If your pet has a pal that is NOT scared by noises, keeping the two together during the evenings may help your dog to realize that there’s no need to be afraid. Dogs take their cues from other dogs far more successfully than from humans. We’ve seen “crazy neurotic” dogs become “sleepy calm” about the noise when kept with one or two dogs they trust who act unaffected.
Special note for small animals:
If your pets live outdoors and simply must remain outside, partly cover cages, pens and aviaries with blankets so that one area is well sound-proofed. Make sure that your pet is still able to look out.
WHEN the noise begins:
Close windows and curtains at dusk and put on music or tv to mask and muffle the sound of fireworks.

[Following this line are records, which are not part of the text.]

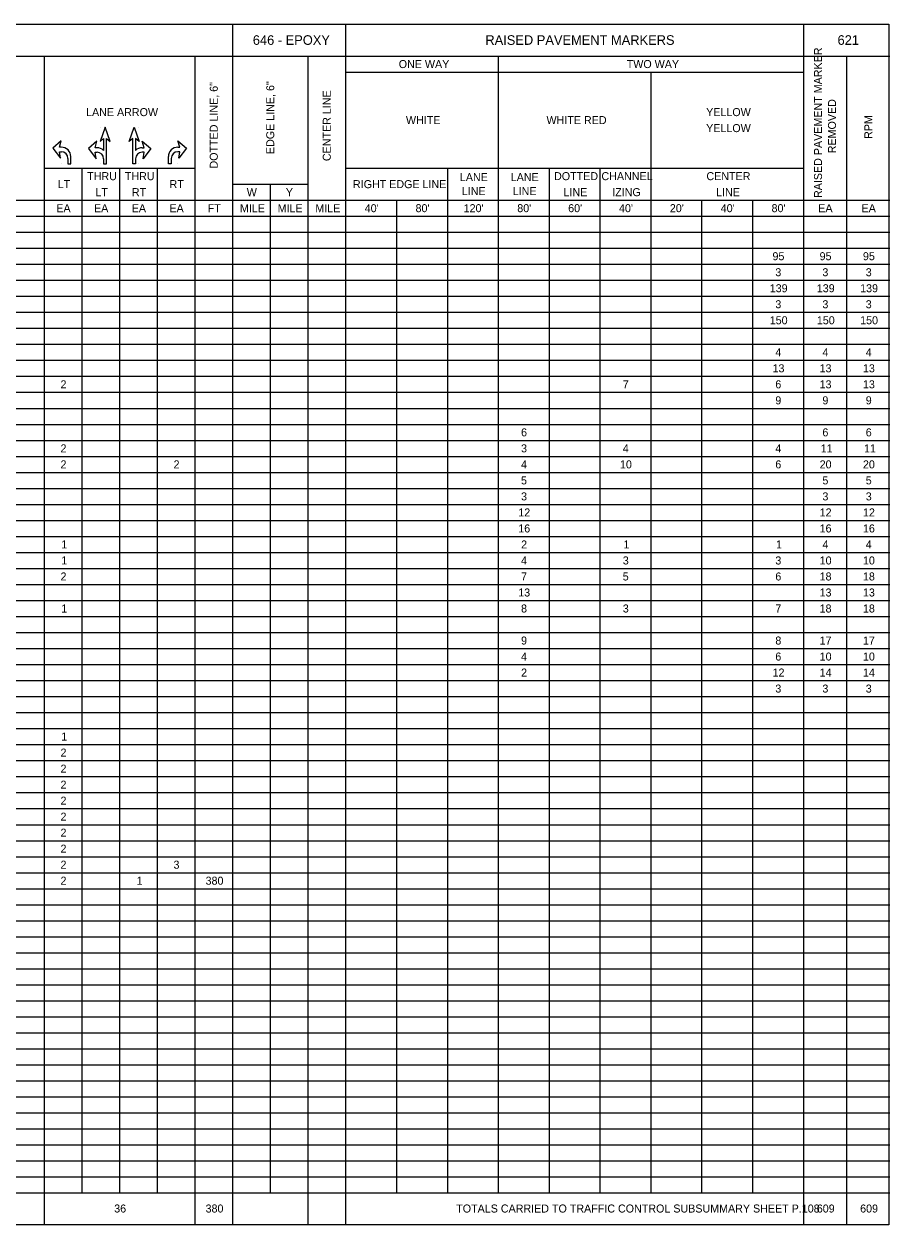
# Model space of a CAD drawing. Extents: x 12522 to 13018, y 1124 to 1902.
# Drawn here: x 12888.52 to 12903.67, y 1804.65 to 1825.65 of the extents above; entities that cross this region are included whole.
import ezdxf

# ---------------------------------------------------------------- set-up
doc = ezdxf.new("R2010")
doc.units = 0
for name, color, linetype in [('MT_X_Cells', 7, 'Continuous'), ('PM_P_Cells', 7, 'Continuous'), ('SC_Scratch1', 7, 'Continuous'), ('SH_Data', 7, 'Continuous'), ('SH_Text', 7, 'Continuous')]:
    doc.layers.add(name, color=color, linetype=linetype)

msp = doc.modelspace()

# ---------------------------------------------------------------- linework, layer by layer
at = {"layer": 'MT_X_Cells'}
for p, q in [((12889.941, 1823.846), (12889.854, 1823.596)), ((12889.854, 1823.596), (12889.916, 1823.646)), ((12889.858, 1823.846), (12889.858, 1823.846)), ((12890.028, 1823.596), (12889.941, 1823.846)), ((12889.966, 1823.208), (12889.966, 1823.646)), ((12889.966, 1823.646), (12890.028, 1823.596)), ((12890.362, 1823.596), (12890.449, 1823.846)), ((12890.424, 1823.646), (12890.362, 1823.596)), ((12890.424, 1823.208), (12890.424, 1823.646)), ((12890.449, 1823.846), (12890.535, 1823.596)), ((12890.535, 1823.596), (12890.474, 1823.646)), ((12890.532, 1823.846), (12890.532, 1823.846)), ((12889.799, 1823.599), (12889.649, 1823.471)), ((12889.649, 1823.471), (12889.783, 1823.295)), ((12889.766, 1823.487), (12889.799, 1823.599)), ((12889.799, 1823.487), (12889.766, 1823.487)), ((12890.624, 1823.487), (12890.59, 1823.599)), ((12890.59, 1823.599), (12890.74, 1823.471)), ((12890.59, 1823.487), (12890.624, 1823.487)), ((12890.74, 1823.471), (12890.607, 1823.295)), ((12889.783, 1823.295), (12889.766, 1823.407)), ((12889.766, 1823.407), (12889.801, 1823.407)), ((12889.916, 1823.292), (12889.916, 1823.208)), ((12890.474, 1823.292), (12890.474, 1823.208)), ((12890.624, 1823.407), (12890.588, 1823.407)), ((12890.607, 1823.295), (12890.624, 1823.407)), ((12889.858, 1823.208), (12889.858, 1823.208)), ((12889.916, 1823.208), (12889.966, 1823.208)), ((12890.474, 1823.208), (12890.424, 1823.208)), ((12890.532, 1823.208), (12890.532, 1823.208))]:
    msp.add_line(p, q, dxfattribs=at)
for points in [[(12889.916, 1823.646), (12889.916, 1823.44)], [(12890.474, 1823.646), (12890.474, 1823.44)]]:
    msp.add_lwpolyline(points, dxfattribs=at)
for centre, radius, start, end in [((12889.802, 1823.323), 0.164, 45.9534, 90.9085), ((12890.588, 1823.323), 0.164, 89.0915, 134.0466), ((12889.801, 1823.292), 0.115, 360, 90), ((12890.588, 1823.292), 0.115, 90, 180)]:
    msp.add_arc(centre, radius, start, end, dxfattribs=at)
at = {"layer": 'PM_P_Cells'}
for p, q in [((12889.175, 1823.608), (12889.025, 1823.48)), ((12889.025, 1823.48), (12889.159, 1823.304)), ((12889.142, 1823.496), (12889.175, 1823.608)), ((12889.175, 1823.496), (12889.142, 1823.496)), ((12889.175, 1823.608), (12889.175, 1823.608)), ((12891.214, 1823.608), (12891.214, 1823.608)), ((12891.248, 1823.496), (12891.214, 1823.608)), ((12891.214, 1823.608), (12891.364, 1823.48)), ((12891.214, 1823.496), (12891.248, 1823.496)), ((12891.364, 1823.48), (12891.231, 1823.304)), ((12889.159, 1823.304), (12889.142, 1823.416)), ((12889.142, 1823.416), (12889.177, 1823.416)), ((12889.292, 1823.301), (12889.292, 1823.208)), ((12889.342, 1823.208), (12889.342, 1823.332)), ((12891.048, 1823.208), (12891.048, 1823.332)), ((12891.098, 1823.301), (12891.098, 1823.208)), ((12891.248, 1823.416), (12891.213, 1823.416)), ((12891.231, 1823.304), (12891.248, 1823.416)), ((12889.175, 1823.208), (12889.175, 1823.208)), ((12889.292, 1823.208), (12889.342, 1823.208)), ((12891.098, 1823.208), (12891.048, 1823.208)), ((12891.214, 1823.208), (12891.214, 1823.208))]:
    msp.add_line(p, q, dxfattribs=at)
for centre, radius, start, end in [((12889.178, 1823.332), 0.164, 0, 90.9085), ((12891.212, 1823.332), 0.164, 89.0915, 180), ((12889.177, 1823.301), 0.115, 0, 90), ((12891.213, 1823.301), 0.115, 90, 180)]:
    msp.add_arc(centre, radius, start, end, dxfattribs=at)
at = {"layer": 'SC_Scratch1'}
msp.add_lwpolyline([(12873.148, 1825.65), (12903.648, 1825.65), (12903.648, 1804.65), (12873.148, 1804.65)], close=True, dxfattribs=at)
at = {"layer": 'SH_Data'}
for p, q in [((12892.171, 1825.65), (12892.171, 1804.667)), ((12894.148, 1825.65), (12894.148, 1804.667)), ((12902.153, 1825.65), (12902.153, 1804.667)), ((12873.148, 1825.09), (12903.668, 1825.09)), ((12888.877, 1825.09), (12888.877, 1804.667)), ((12891.513, 1825.09), (12891.513, 1804.667)), ((12893.489, 1825.09), (12893.489, 1804.667)), ((12896.816, 1825.09), (12896.816, 1805.21)), ((12902.91, 1825.09), (12902.91, 1804.667)), ((12894.148, 1824.81), (12902.153, 1824.81)), ((12899.484, 1824.81), (12899.484, 1805.21)), ((12888.877, 1823.13), (12891.513, 1823.13)), ((12889.536, 1823.13), (12889.536, 1805.21)), ((12890.195, 1823.13), (12890.195, 1805.21)), ((12890.854, 1823.13), (12890.854, 1805.21)), ((12894.148, 1823.13), (12902.153, 1823.13)), ((12895.927, 1823.13), (12895.927, 1805.21)), ((12897.705, 1823.13), (12897.705, 1805.21)), ((12898.595, 1823.13), (12898.595, 1805.21)), ((12892.171, 1822.85), (12893.489, 1822.85)), ((12892.83, 1822.85), (12892.83, 1805.21)), ((12880.477, 1822.57), (12903.668, 1822.57)), ((12895.037, 1822.57), (12895.037, 1805.21)), ((12900.374, 1822.57), (12900.374, 1805.21)), ((12901.263, 1822.57), (12901.263, 1805.21)), ((12873.148, 1822.29), (12903.668, 1822.29)), ((12873.148, 1822.01), (12903.668, 1822.01)), ((12873.148, 1821.73), (12903.668, 1821.73)), ((12873.148, 1821.45), (12903.668, 1821.45)), ((12873.148, 1821.17), (12903.668, 1821.17)), ((12873.148, 1820.89), (12903.668, 1820.89)), ((12873.148, 1820.61), (12903.668, 1820.61)), ((12873.148, 1820.33), (12903.668, 1820.33)), ((12873.148, 1820.05), (12903.668, 1820.05)), ((12873.148, 1819.77), (12903.668, 1819.77)), ((12873.148, 1819.49), (12903.668, 1819.49)), ((12873.148, 1819.21), (12903.668, 1819.21)), ((12873.148, 1818.93), (12903.668, 1818.93)), ((12873.148, 1818.65), (12903.668, 1818.65)), ((12873.148, 1818.37), (12903.668, 1818.37)), ((12873.148, 1818.09), (12903.668, 1818.09)), ((12873.148, 1817.81), (12903.668, 1817.81)), ((12873.148, 1817.53), (12903.668, 1817.53)), ((12873.148, 1817.25), (12903.668, 1817.25)), ((12873.148, 1816.97), (12903.668, 1816.97)), ((12873.148, 1816.69), (12903.668, 1816.69)), ((12873.148, 1816.41), (12903.668, 1816.41)), ((12873.148, 1816.13), (12903.668, 1816.13)), ((12873.148, 1815.85), (12903.668, 1815.85)), ((12873.148, 1815.57), (12903.668, 1815.57)), ((12873.148, 1815.29), (12903.668, 1815.29)), ((12873.148, 1815.01), (12903.668, 1815.01)), ((12873.148, 1814.73), (12903.668, 1814.73)), ((12873.148, 1814.45), (12903.668, 1814.45)), ((12873.148, 1814.17), (12903.668, 1814.17)), ((12873.148, 1813.89), (12903.668, 1813.89)), ((12873.148, 1813.61), (12903.668, 1813.61)), ((12873.148, 1813.33), (12903.668, 1813.33)), ((12873.148, 1813.05), (12903.668, 1813.05)), ((12873.148, 1812.77), (12903.668, 1812.77)), ((12873.148, 1812.49), (12903.668, 1812.49)), ((12873.148, 1812.21), (12903.668, 1812.21)), ((12873.148, 1811.93), (12903.668, 1811.93)), ((12873.148, 1811.65), (12903.668, 1811.65)), ((12873.148, 1811.37), (12903.668, 1811.37)), ((12873.148, 1811.09), (12903.668, 1811.09)), ((12873.148, 1810.81), (12903.668, 1810.81)), ((12873.148, 1810.53), (12903.668, 1810.53)), ((12873.148, 1810.25), (12903.668, 1810.25)), ((12873.148, 1809.97), (12903.668, 1809.97)), ((12873.148, 1809.69), (12903.668, 1809.69)), ((12873.148, 1809.41), (12903.668, 1809.41)), ((12873.148, 1809.13), (12903.668, 1809.13)), ((12873.148, 1808.85), (12903.668, 1808.85)), ((12873.148, 1808.57), (12903.668, 1808.57)), ((12873.148, 1808.29), (12903.668, 1808.29)), ((12873.148, 1808.01), (12903.668, 1808.01)), ((12873.148, 1807.73), (12903.668, 1807.73)), ((12873.148, 1807.45), (12903.668, 1807.45)), ((12873.148, 1807.17), (12903.668, 1807.17)), ((12873.148, 1806.89), (12903.668, 1806.89)), ((12873.148, 1806.61), (12903.668, 1806.61)), ((12873.148, 1806.33), (12903.668, 1806.33)), ((12873.148, 1806.05), (12903.668, 1806.05)), ((12873.148, 1805.77), (12903.668, 1805.77)), ((12873.148, 1805.49), (12903.668, 1805.49)), ((12873.148, 1805.21), (12903.668, 1805.21))]:
    msp.add_line(p, q, dxfattribs=at)

# ---------------------------------------------------------------- texts
at = {"layer": 'SH_Text'}
for s, height, p in [('646 - EPOXY', 0.168, (12892.525, 1825.286)), ('RAISED PAVEMENT MARKERS', 0.168, (12896.592, 1825.286)), ('621', 0.168, (12902.751, 1825.286)), ('ONE WAY', 0.14, (12895.077, 1824.88)), ('TWO WAY', 0.14, (12899.064, 1824.88)), ('LANE ARROW', 0.14, (12889.609, 1824.04)), ('YELLOW', 0.14, (12900.453, 1824.04)), ('WHITE', 0.14, (12895.203, 1823.9)), ('WHITE RED', 0.14, (12897.661, 1823.9)), ('YELLOW', 0.14, (12900.453, 1823.76)), ('THRU', 0.14, (12889.628, 1822.92)), ('THRU', 0.14, (12890.287, 1822.92)), ('LANE  ', 0.14, (12896.146, 1822.903)), ('LANE  ', 0.14, (12897.036, 1822.903)), ('DOTTED', 0.14, (12897.793, 1822.92)), ('CHANNEL', 0.14, (12898.622, 1822.92)), ('CENTER', 0.14, (12900.458, 1822.92)), ('LT', 0.14, (12889.112, 1822.78)), ('RT', 0.14, (12891.069, 1822.78)), ('RIGHT EDGE LINE', 0.14, (12894.276, 1822.78)), ('LT', 0.14, (12889.771, 1822.64)), ('RT', 0.14, (12890.41, 1822.64)), ('W', 0.14, (12892.419, 1822.64)), ('Y', 0.14, (12893.102, 1822.64)), ('LINE', 0.14, (12896.18, 1822.658)), ('LINE', 0.14, (12897.07, 1822.658)), ('LINE', 0.14, (12897.959, 1822.64)), ('IZING', 0.14, (12898.81, 1822.64)), ('LINE', 0.14, (12900.627, 1822.64)), ('EA', 0.14, (12889.089, 1822.36)), ('EA', 0.14, (12889.748, 1822.36)), ('EA', 0.14, (12890.407, 1822.36)), ('EA', 0.14, (12891.066, 1822.36)), ('FT', 0.14, (12891.736, 1822.36)), ('MILE', 0.14, (12892.3, 1822.36)), ('MILE', 0.14, (12892.959, 1822.36)), ('MILE', 0.14, (12893.618, 1822.36)), ("40'", 0.14, (12894.482, 1822.36)), ("80'", 0.14, (12895.371, 1822.36)), ("120'", 0.14, (12896.212, 1822.36)), ("80'", 0.14, (12897.15, 1822.36)), ("60'", 0.14, (12898.04, 1822.36)), ("40'", 0.14, (12898.929, 1822.36)), ("20'", 0.14, (12899.818, 1822.36)), ("40'", 0.14, (12900.708, 1822.36)), ("80'", 0.14, (12901.597, 1822.36)), ('EA', 0.14, (12902.414, 1822.36)), ('EA', 0.14, (12903.171, 1822.36)), ('95', 0.14, (12901.613, 1821.52)), ('95', 0.14, (12902.437, 1821.52)), ('95', 0.14, (12903.195, 1821.52)), ('3', 0.14, (12901.663, 1821.24)), ('3', 0.14, (12902.486, 1821.24)), ('3', 0.14, (12903.244, 1821.24)), ('139', 0.14, (12901.565, 1820.96)), ('139', 0.14, (12902.388, 1820.96)), ('139', 0.14, (12903.146, 1820.96)), ('3', 0.14, (12901.663, 1820.68)), ('3', 0.14, (12902.486, 1820.68)), ('3', 0.14, (12903.244, 1820.68)), ('150', 0.14, (12901.565, 1820.4)), ('150', 0.14, (12902.389, 1820.4)), ('150', 0.14, (12903.146, 1820.4)), ('4', 0.14, (12901.663, 1819.84)), ('4', 0.14, (12902.487, 1819.84)), ('4', 0.14, (12903.244, 1819.84)), ('13', 0.14, (12901.614, 1819.56)), ('13', 0.14, (12902.437, 1819.56)), ('13', 0.14, (12903.195, 1819.56)), ('2', 0.14, (12889.162, 1819.28)), ('7', 0.14, (12898.995, 1819.28)), ('6', 0.14, (12901.663, 1819.28)), ('13', 0.14, (12902.437, 1819.28)), ('13', 0.14, (12903.195, 1819.28)), ('9', 0.14, (12901.663, 1819)), ('9', 0.14, (12902.486, 1819)), ('9', 0.14, (12903.244, 1819)), ('6', 0.14, (12897.216, 1818.44)), ('6', 0.14, (12902.486, 1818.44)), ('6', 0.14, (12903.244, 1818.44)), ('2', 0.14, (12889.162, 1818.16)), ('3', 0.14, (12897.216, 1818.16)), ('4', 0.14, (12898.995, 1818.16)), ('4', 0.14, (12901.663, 1818.16)), ('11', 0.14, (12902.456, 1818.16)), ('11', 0.14, (12903.214, 1818.16)), ('2', 0.14, (12889.162, 1817.88)), ('2', 0.14, (12891.139, 1817.88)), ('4', 0.14, (12897.216, 1817.88)), ('10', 0.14, (12898.946, 1817.88)), ('6', 0.14, (12901.663, 1817.88)), ('20', 0.14, (12902.438, 1817.88)), ('20', 0.14, (12903.195, 1817.88)), ('5', 0.14, (12897.215, 1817.6)), ('5', 0.14, (12902.486, 1817.6)), ('5', 0.14, (12903.244, 1817.6)), ('3', 0.14, (12897.216, 1817.32)), ('3', 0.14, (12902.486, 1817.32)), ('3', 0.14, (12903.244, 1817.32)), ('12', 0.14, (12897.168, 1817.04)), ('12', 0.14, (12902.438, 1817.04)), ('12', 0.14, (12903.196, 1817.04)), ('16', 0.14, (12897.167, 1816.76)), ('16', 0.14, (12902.437, 1816.76)), ('16', 0.14, (12903.195, 1816.76)), ('1', 0.14, (12889.174, 1816.48)), ('2', 0.14, (12897.217, 1816.48)), ('1', 0.14, (12899.007, 1816.48)), ('1', 0.14, (12901.675, 1816.48)), ('4', 0.14, (12902.487, 1816.48)), ('4', 0.14, (12903.244, 1816.48)), ('1', 0.14, (12889.174, 1816.2)), ('4', 0.14, (12897.216, 1816.2)), ('3', 0.14, (12898.995, 1816.2)), ('3', 0.14, (12901.663, 1816.2)), ('10', 0.14, (12902.438, 1816.2)), ('10', 0.14, (12903.195, 1816.2)), ('2', 0.14, (12889.162, 1815.92)), ('7', 0.14, (12897.216, 1815.92)), ('5', 0.14, (12898.994, 1815.92)), ('6', 0.14, (12901.663, 1815.92)), ('18', 0.14, (12902.437, 1815.92)), ('18', 0.14, (12903.195, 1815.92)), ('13', 0.14, (12897.167, 1815.64)), ('13', 0.14, (12902.437, 1815.64)), ('13', 0.14, (12903.195, 1815.64)), ('1', 0.14, (12889.174, 1815.36)), ('8', 0.14, (12897.216, 1815.36)), ('3', 0.14, (12898.995, 1815.36)), ('7', 0.14, (12901.663, 1815.36)), ('18', 0.14, (12902.437, 1815.36)), ('18', 0.14, (12903.195, 1815.36)), ('9', 0.14, (12897.216, 1814.8)), ('8', 0.14, (12901.663, 1814.8)), ('17', 0.14, (12902.437, 1814.8)), ('17', 0.14, (12903.195, 1814.8)), ('4', 0.14, (12897.216, 1814.52)), ('6', 0.14, (12901.663, 1814.52)), ('10', 0.14, (12902.438, 1814.52)), ('10', 0.14, (12903.195, 1814.52)), ('2', 0.14, (12897.217, 1814.24)), ('12', 0.14, (12901.615, 1814.24)), ('14', 0.14, (12902.438, 1814.24)), ('14', 0.14, (12903.195, 1814.24)), ('3', 0.14, (12901.663, 1813.96)), ('3', 0.14, (12902.486, 1813.96)), ('3', 0.14, (12903.244, 1813.96)), ('1', 0.14, (12889.174, 1813.12)), ('2', 0.14, (12889.162, 1812.84)), ('2', 0.14, (12889.162, 1812.56)), ('2', 0.14, (12889.162, 1812.28)), ('2', 0.14, (12889.162, 1812)), ('2', 0.14, (12889.162, 1811.72)), ('2', 0.14, (12889.162, 1811.44)), ('2', 0.14, (12889.162, 1811.16)), ('2', 0.14, (12889.162, 1810.88)), ('3', 0.14, (12891.138, 1810.88)), ('2', 0.14, (12889.162, 1810.6)), ('1', 0.14, (12890.492, 1810.6)), ('380', 0.14, (12891.699, 1810.6)), ('36', 0.14, (12890.101, 1804.868)), ('380', 0.14, (12891.699, 1804.868)), ('TOTALS CARRIED TO TRAFFIC CONTROL SUBSUMMARY SHEET P.108', 0.14, (12896.082, 1804.868)), ('609', 0.14, (12902.388, 1804.868)), ('609', 0.14, (12903.146, 1804.868))]:
    msp.add_text(s, height=height, dxfattribs=at).set_placement(p)
for s, p in [('RAISED PAVEMENT MARKER ', (12902.479, 1822.608)), ('DOTTED LINE, 6"', (12891.912, 1823.123)), ('EDGE LINE, 6"', (12892.9, 1823.376)), ('CENTER LINE', (12893.888, 1823.253)), ('REMOVED', (12902.724, 1823.39)), ('RPM', (12903.359, 1823.641))]:
    msp.add_text(s, height=0.14, rotation=90, dxfattribs=at).set_placement(p)

doc.saveas('drawing.dxf')

If your pet shows any signs of fear try to ignore their behavior. Leave them alone unless they are likely to harm themselves. Never punish or fuss over your pet when it’s scared as this will only make things worse in the long run as you’re reinforcing that there is something to fear.
Each evening before the fireworks begin, move Spot to the play area and provide toys and other things that they enjoy. Make sure that there are things for you to do too so that your dog isn’t left alone. Ignore the noise yourself. Play with a toy to see if your pet wants to join in, but don’t force them to play. Don’t try to coax your fur-friend out of a hiding place; you’ve created a safe environment so you can ignore the behavior.
Do NOT leave your pet outdoors. The noise is louder. Fido may well try to escape the yard, harming himself and/or your property in the process. And, once he’s out, it just gets worse for both of you. And, whatever you do, don’t chain your pet in the yard. In an extraordinary effort to escape, she may get entangled and hurt, or even accidentally strangled.
Don’t take your dog to a fireworks display. Resist the urge to bring your dog to the celebration. If you leash your pet to be with you, they can still be traumatized and even escape your control and be lost.
Do NOT leave your pet in the car. Perhaps the scariest of “dog prisons” when your pet is afraid, heat alone can seriously harm or even kill your pet. Adding heat exposure to the tumult of a fireworks show may leave Spot terrorized. Don’t risk returning to find a dead pet or a destroyed vehicle.
If you wouldn’t expose your infant, don’t expose your pet.
Here at SPCHS, we wish a safe, sane and enjoyable holiday for the entire family.
If you do need help finding a pet:
Be sure to give us a call at 360-642-1180
Post to our facebook page, (and that of the area’s Missing Pets page). Include a photo, description of your pet, where and when the pet was last seen, and how to contact you. If you need help creating a flyer, you can grab a template here.
Bring us some flyers, (330 NE Second Street in Long Beach, WA), and
We’re here to help!
AFTER the noise is gone for another year:
If Spot had a rough go of it, consider contacting your vet or an animal behaviorist about therapy to desensitize the response to noise.